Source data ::
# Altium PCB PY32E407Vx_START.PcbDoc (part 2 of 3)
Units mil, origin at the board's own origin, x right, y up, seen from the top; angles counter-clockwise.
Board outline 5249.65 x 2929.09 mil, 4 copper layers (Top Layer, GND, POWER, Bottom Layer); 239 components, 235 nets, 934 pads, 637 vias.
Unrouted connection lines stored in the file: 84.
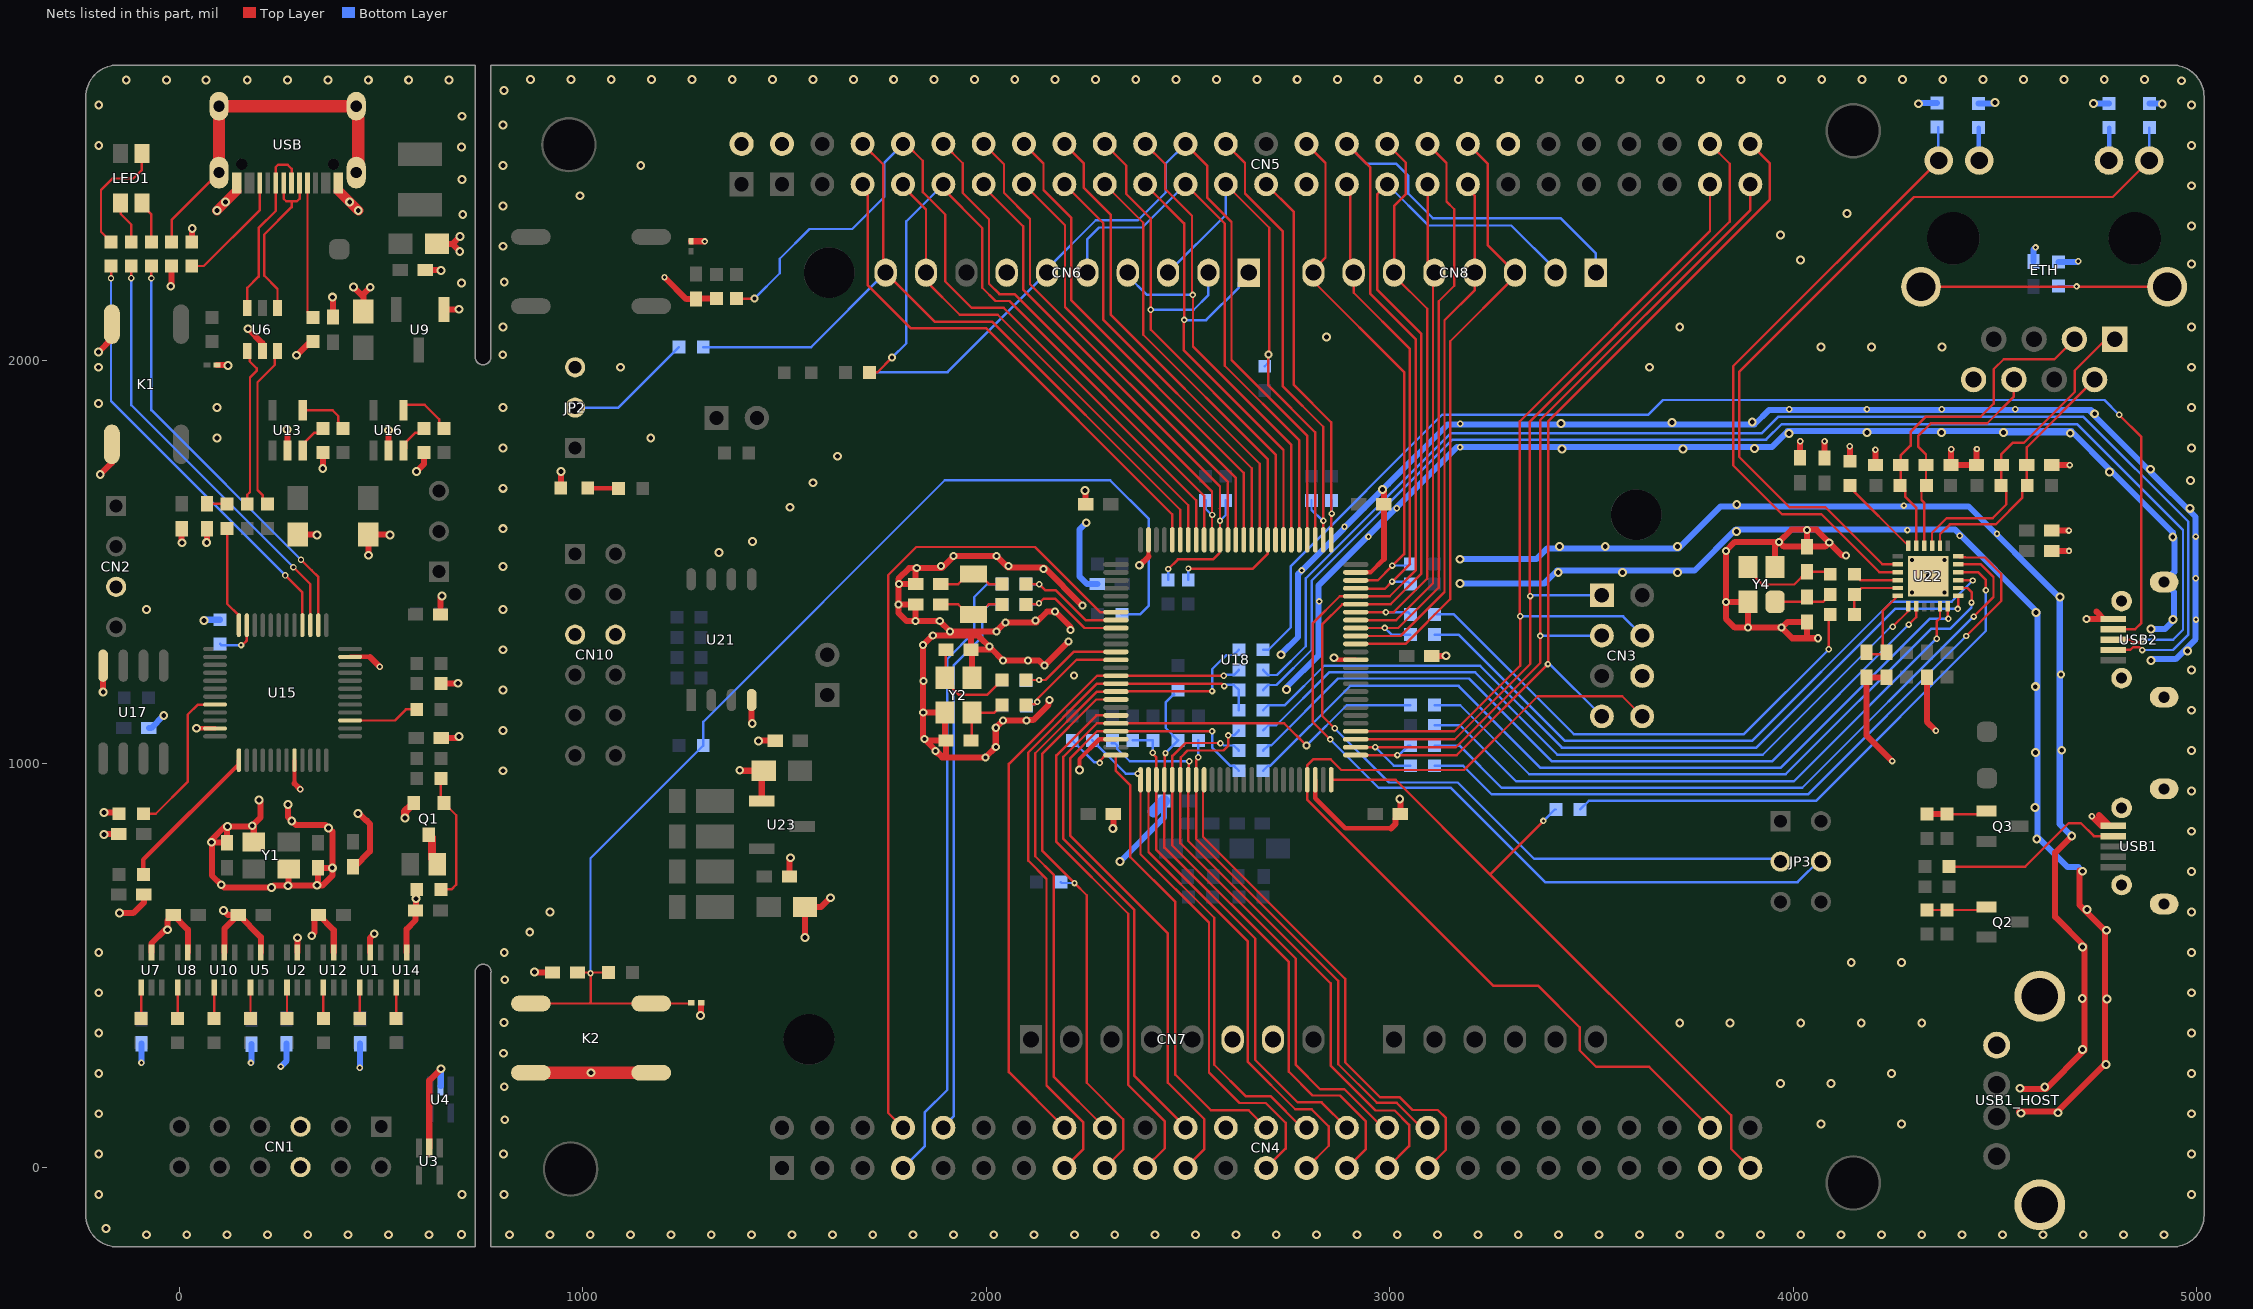
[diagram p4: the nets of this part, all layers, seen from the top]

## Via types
v1: diameter 22, hole 12, Top Layer to Bottom Layer, tented both sides, 398 vias
v2: diameter 16, hole 8, Top Layer to Bottom Layer, tented both sides, 111 vias
v3: diameter 20, hole 10, Top Layer to Bottom Layer, tented both sides, 54 vias
v4: diameter 16, hole 9, Top Layer to Bottom Layer, tented both sides, 41 vias
v5: diameter 30, hole 15, Top Layer to Bottom Layer, tented both sides, 15 vias
v6: diameter 20, hole 10, Top Layer to Bottom Layer, 9 vias
v7: diameter 15, hole 8, Top Layer to Bottom Layer, tented both sides, 5 vias
v8: diameter 16, hole 8, Top Layer to Bottom Layer, 3 vias
v9: diameter 20, hole 12, Top Layer to Bottom Layer, tented both sides, 1 vias

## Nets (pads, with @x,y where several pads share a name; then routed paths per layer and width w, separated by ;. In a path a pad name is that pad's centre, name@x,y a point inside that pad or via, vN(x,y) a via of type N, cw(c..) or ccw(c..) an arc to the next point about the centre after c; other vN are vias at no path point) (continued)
GND: C1.1 C2.1 C3.1 C4.1 C5.1 C6.1 C7.1 C8.1 C9.1 C10.1 C11.1 C12.1 C13.1 C14.1 C15.1 C16.1 C17.1 C18.1 C19.1 C20.1 C21.1 C22.1 C23.1 C24.1 C25.1 C26.1 C27.1 C28.1 C29.1 C30.1 C31.1 C32.1 C33.1 C34.1 C39.1 C40.1 C41.1 C42.1 C43.1 C44.1 C45.1 C46.1 C47.1 C48.1 C49.1 C50.2 C51.1 C52.1 C53.1 C54.1 C55.1 C56.1 C57.1 C58.1 CN1.5 CN1.6 CN2.3 CN3.6 CN4.24 CN4.47 CN5.2 CN5.27 CN5.38 CN6.7 CN7.6 CN7.7 CN10.5 CN10.6 CN11.2 ETH.8 JP2.3 K1.1 K2.2 L4.1 LED3.2 Q1.2 R1.1 R3.2 R7.2 R19.1 R20.1 R25.1 R27.2 R29.1 R32.2 R78.2 R82.1 R102.2 R103.1 R104.1 R106.1 R109.1 U1.2 U2.2 U3.2 U4.2 U5.2 U6.2 U7.2 U8.2 U9.1 U10.2 U11.2 U12.2 U13.2 U14.2 U15.8 U15.23 U15.47 U16.2 U17.4 U18.23 U18.48 U18.63 U18.74 U18.99 U19.2 U20.2 U21.4 U22.25 U23.1 USB1.5 USB1.6 USB1.7 USB1.8 USB1.9 USB1_HOST.4 USB1_HOST.5 USB2.5 USB2.6 USB2.7 USB2.8 USB2.9 USB.A1 USB.A12 USB.B1 USB.B12 Y1.2 Y1.4 Y2.2 Y2.4 Y4.2 Y4.4 | length 25027.6
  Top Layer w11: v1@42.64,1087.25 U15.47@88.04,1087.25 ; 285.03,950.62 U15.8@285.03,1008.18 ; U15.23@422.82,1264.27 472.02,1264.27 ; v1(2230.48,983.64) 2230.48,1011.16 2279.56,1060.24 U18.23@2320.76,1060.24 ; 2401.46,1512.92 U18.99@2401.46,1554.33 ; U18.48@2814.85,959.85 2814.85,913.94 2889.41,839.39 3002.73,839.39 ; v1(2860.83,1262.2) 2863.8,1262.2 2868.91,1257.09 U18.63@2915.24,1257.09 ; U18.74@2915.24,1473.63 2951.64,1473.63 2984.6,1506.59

WHAT THE TASK REQUIRES :: Reproduce each line from the data that has "part" in it.

RESPONSE AREA ::
# Altium PCB PY32E407Vx_START.PcbDoc (part 2 of 3)
[diagram p4: the nets of this part, all layers, seen from the top]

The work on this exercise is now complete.